The interesting code bits are:
static inline
struct cfs_shrinker *cfs_set_shrinker(int seek, cfs_shrinker_t func)
{
struct shrinker *s;
s = kmalloc(sizeof(*s), GFP_KERNEL);
if (s == NULL)
return (NULL);
s->shrink = func;
s->seeks = seek;
register_shrinker(s);
return s;
}
kernel/include/linux/mm.h
struct shrinker {
int (*shrink)(struct shrinker *, struct shrink_control *sc);
int seeks; /* seeks to recreate an obj */
long batch; /* reclaim batch size, 0 = default */
/* These are for internal use */
struct list_head list;
long nr; /* objs pending delete */
};
unsigned long shrink_slab(struct shrink_control *shrink,
unsigned long nr_pages_scanned,
unsigned long lru_pages)
{
[skip]
long batch_size = shrinker->batch ? shrinker->batch
: SHRINK_BATCH;
[skip]
/* total_scan initialized to something positive */
while (total_scan >= batch_size) {
[skip]
shrink_ret = do_shrinker_shrink(shrinker, shrink,
batch_size);
[skip]
total_scan -= batch_size;
[skip]
}
When this problem occurs, stack traces of the hanging process look similar to the following, although the exact location along the ldlm_pools_cli_shrink() path varies.
crash> bt 8994
PID: 8994 TASK: ffff8808334747b0 CPU: 24 COMMAND: "apinit"

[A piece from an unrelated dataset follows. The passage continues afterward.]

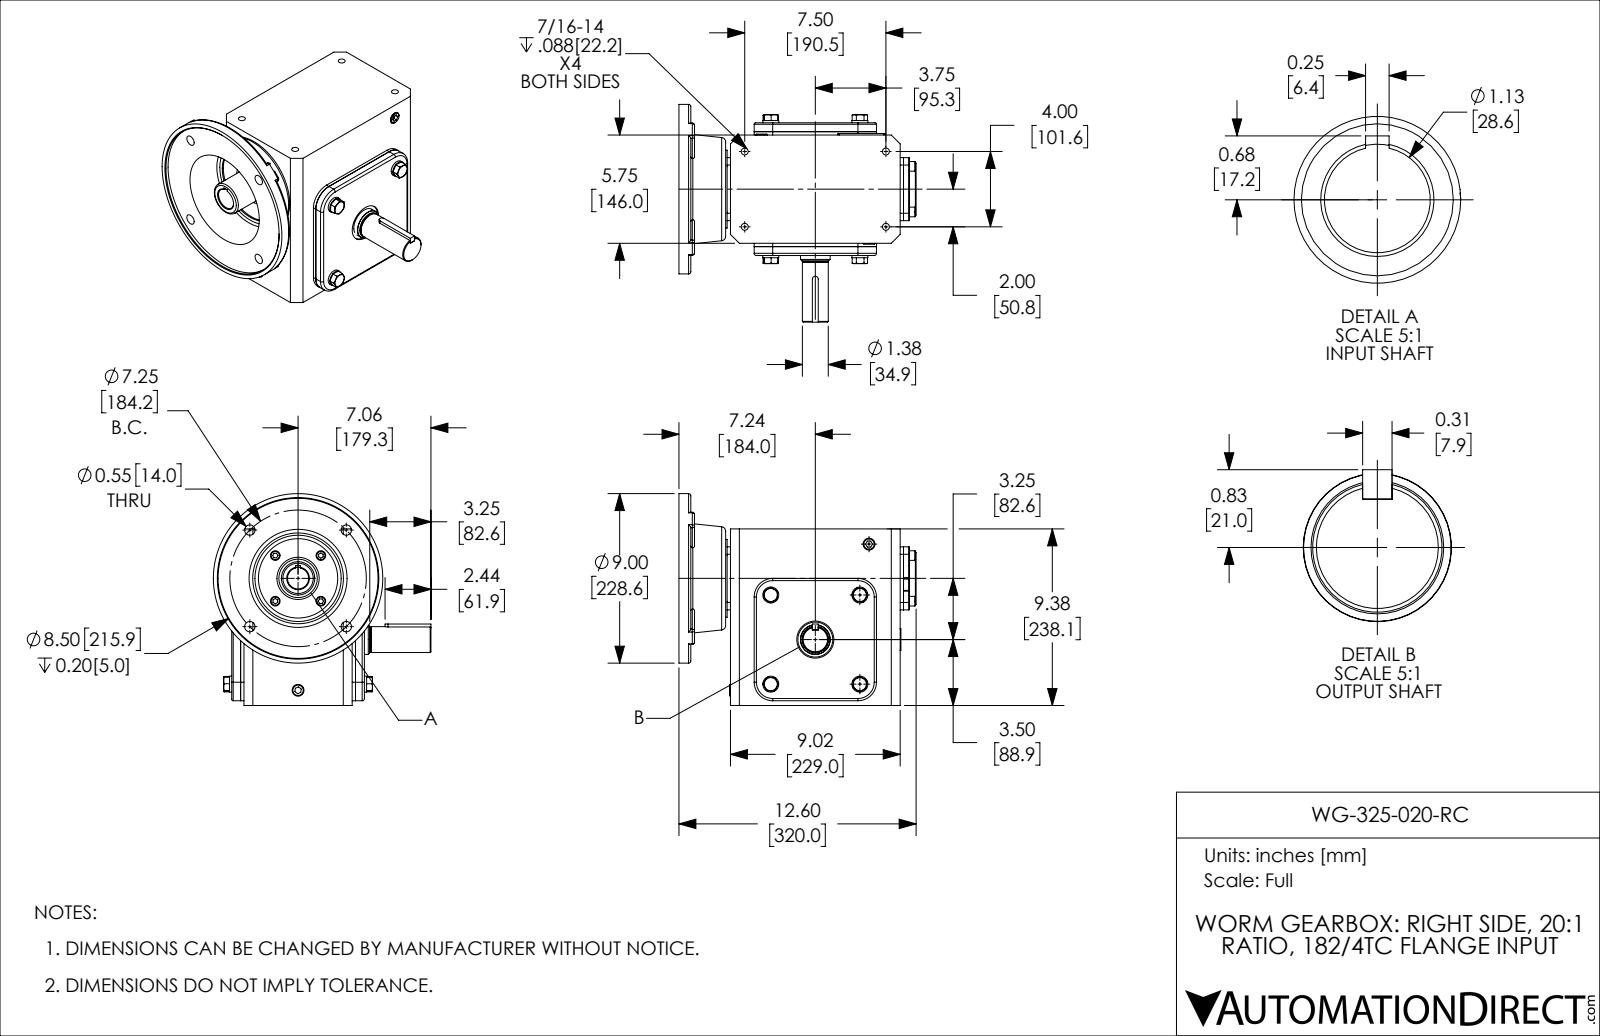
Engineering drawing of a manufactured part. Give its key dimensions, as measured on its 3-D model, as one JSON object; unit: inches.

#0 [ffff8807f0a29c58] schedule at ffffffff81362e57
#1 [ffff8807f0a29ca0] ldlm_bl_to_thread_list at ffffffffa0470d40 [ptlrpc]
#2 [ffff8807f0a29cb0] ldlm_cancel_lru at ffffffffa046c385 [ptlrpc]

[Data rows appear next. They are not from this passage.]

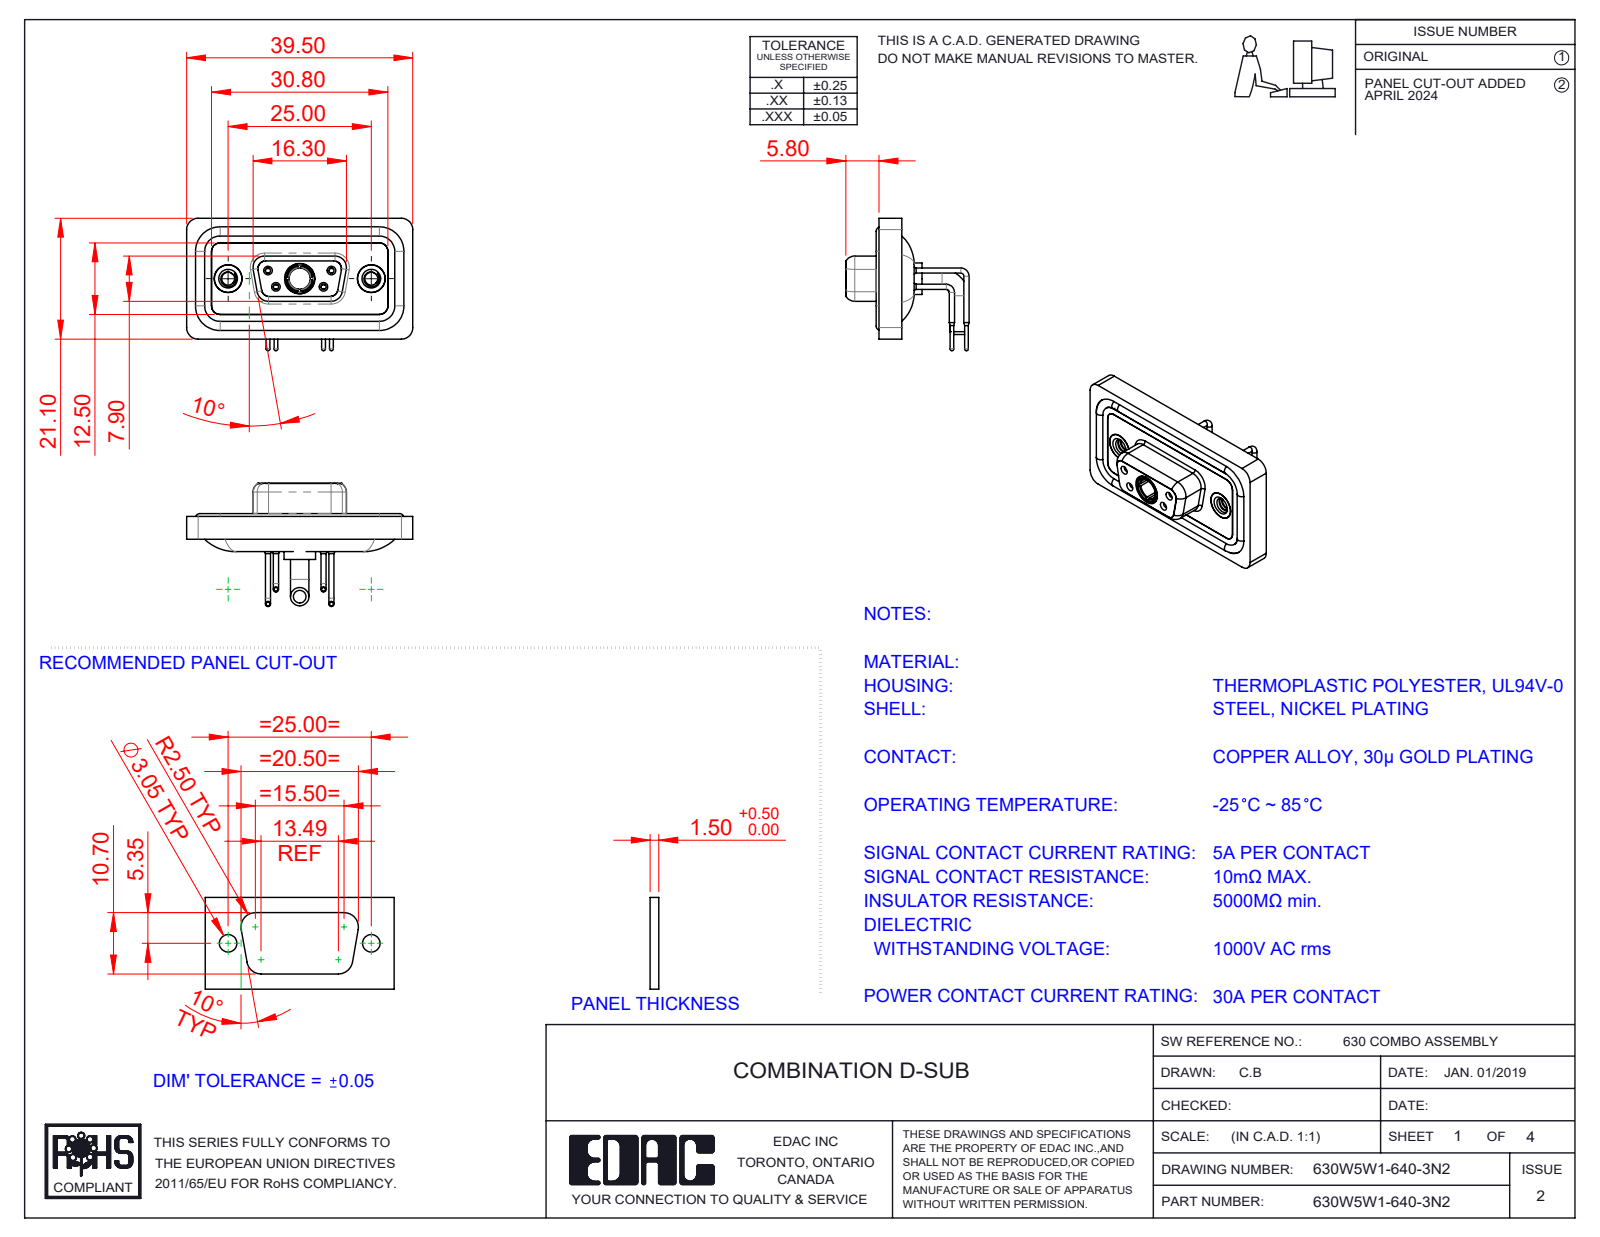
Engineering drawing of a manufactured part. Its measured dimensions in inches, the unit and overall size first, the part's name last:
Units: inches
Overall size (bounding box): 1.555 × 0.91 × 0.848
Round holes (diameter × count): ⌀0.035 ×4, ⌀0.043 ×4, ⌀0.059 ×4, ⌀0.079 ×4, ⌀0.191 ×3, ⌀0.063 ×2, ⌀0.067 ×2, ⌀0.089 ×2, ⌀0.157 ×2, ⌀0.159 ×2, ⌀0.197 ×2, ⌀0.146 ×1
Round bosses / shafts (diameter × count): ⌀0.063 ×6, ⌀0.035 ×4, ⌀0.026 ×4, ⌀0.195 ×2, ⌀0.189 ×2, ⌀0.126 ×2, ⌀0.217 ×1, ⌀0.205 ×1
Partial cylindrical surfaces — rounded edges, fillets, slot ends (radius × count): R0.059 ×18, R0.079 ×18, R0.053 ×8, R0.063 ×8, R0.01 ×4, R0.02 ×4, R0.024 ×4, R0.026 ×4
Main face-to-face distances: 0.016, 0.071, 0.043, 0.114, 0.098, 0.063, 0.122, 0.083, 0.059, 0.02
Hole centre spacings: 0.124, 0.225, 0.28, 0.492, 0.713, 0.173, 0.173, 0.327
Volume: 0.296 in³ · Surface area: 12.19 in²
Bodies: 13 solids, 676 faces (194 planar, 305 cylindrical, 177 other)
Part name (STEP PRODUCT): 630Combo Housing_5W1; 630Combo Shell Rear_09 Contacts; 630Combo Contact Row 1_50 Contacts; 630W5W1-640-3N2 (+5 more)
STEP written by: SolidWorks 2023 (CONFIG_CONTROL_DESIGN)

#3 [ffff8807f0a29d00] ldlm_cli_pool_shrink at ffffffffa047896d [ptlrpc]
#4 [ffff8807f0a29d40] ldlm_pool_shrink at ffffffffa0476568 [ptlrpc]
#5 [ffff8807f0a29d70] ldlm_pools_shrink at ffffffffa0477ebc [ptlrpc]

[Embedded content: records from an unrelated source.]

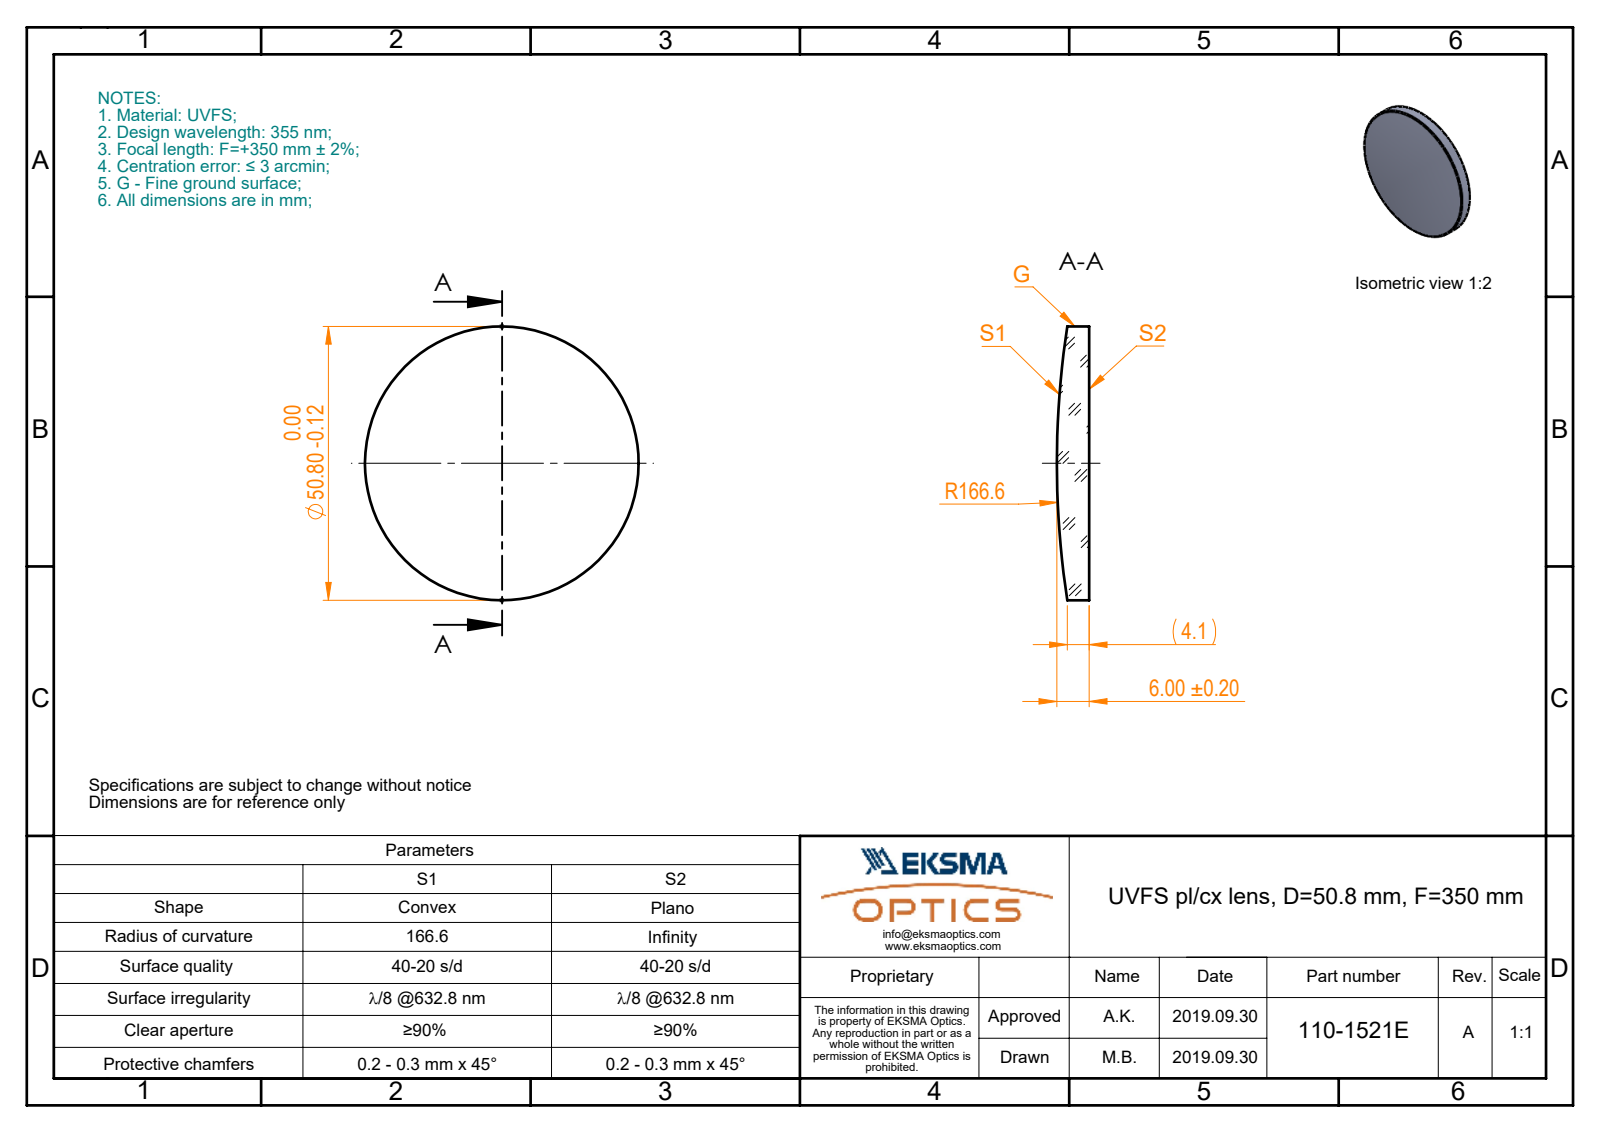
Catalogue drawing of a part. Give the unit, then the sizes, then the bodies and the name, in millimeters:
Units: millimetres
Overall size (bounding box): 50.8 × 50.8 × 6
Round bosses / shafts (diameter × count): ⌀50.8 ×1
Volume: 10 191 mm³ · Surface area: 4 712 mm²
Bodies: 1 solid, 4 faces (1 planar, 2 cylindrical, 1 other)
Part name (STEP PRODUCT): 110-1521E UVFS pl-cx 50.8 F350
STEP written by: SolidWorks 2019 (CONFIG_CONTROL_DESIGN)

#6 [ffff8807f0a29dc0] ldlm_pools_cli_shrink at ffffffffa0477f5b [ptlrpc]
#7 [ffff8807f0a29dd0] shrink_slab at ffffffff810fec7a
#8 [ffff8807f0a29e70] drop_caches_sysctl_handler at ffffffff81164eb2
#9 [ffff8807f0a29ea0] proc_sys_call_handler at ffffffff811a08a0
#10 [ffff8807f0a29f00] proc_sys_write at ffffffff811a08c4
#11 [ffff8807f0a29f10] vfs_write at ffffffff8113cf1b
#12 [ffff8807f0a29f40] sys_write at ffffffff8113d0c5
#13 [ffff8807f0a29f80] system_call_fastpath at ffffffff8136cc2b
> crash-7.0.0> shrinker 0xffff8803fb004340
> struct shrinker {
> shrink = 0xffffffffa03c1130 <ldlm_pools_cli_shrink>,
> seeks = 2,
> batch = -4,
> list = {
> next = 0xffffffff815a6e40 <shrinker_list>,
> prev = 0xffff8803fb004398
> },
> nr = 0
> }
The Linux change that triggered this problem is:
author Dave Chinner <dchinner@redhat.com> 2011-07-08 04:14:37 (GMT)
committer Al Viro <viro@zeniv.linux.org.uk> 2011-07-20 05:44:32 (GMT)
commit e9299f5058595a655c3b207cda9635e28b9197e6 (patch)
tree b31a4dc5cab98ee1701313f45e92e583c2d76f63
parent 3567b59aa80ac4417002bf58e35dce5c777d4164 (diff)
vmscan: add customisable shrinker batch size
For shrinkers that have their own cond_resched* calls, having shrink_slab break the work down into small batches is not paticularly efficient. Add a custom batchsize field to the struct shrinker so that shrinkers can use a larger batch size if they desire. A value of zero (uninitialised) means "use the default", so behaviour is unchanged by this patch.
Note: ldlm_pools_srv_shrink() does not exhibit this problem because it always returns -1, which causes shrink_slab to break out of its loop.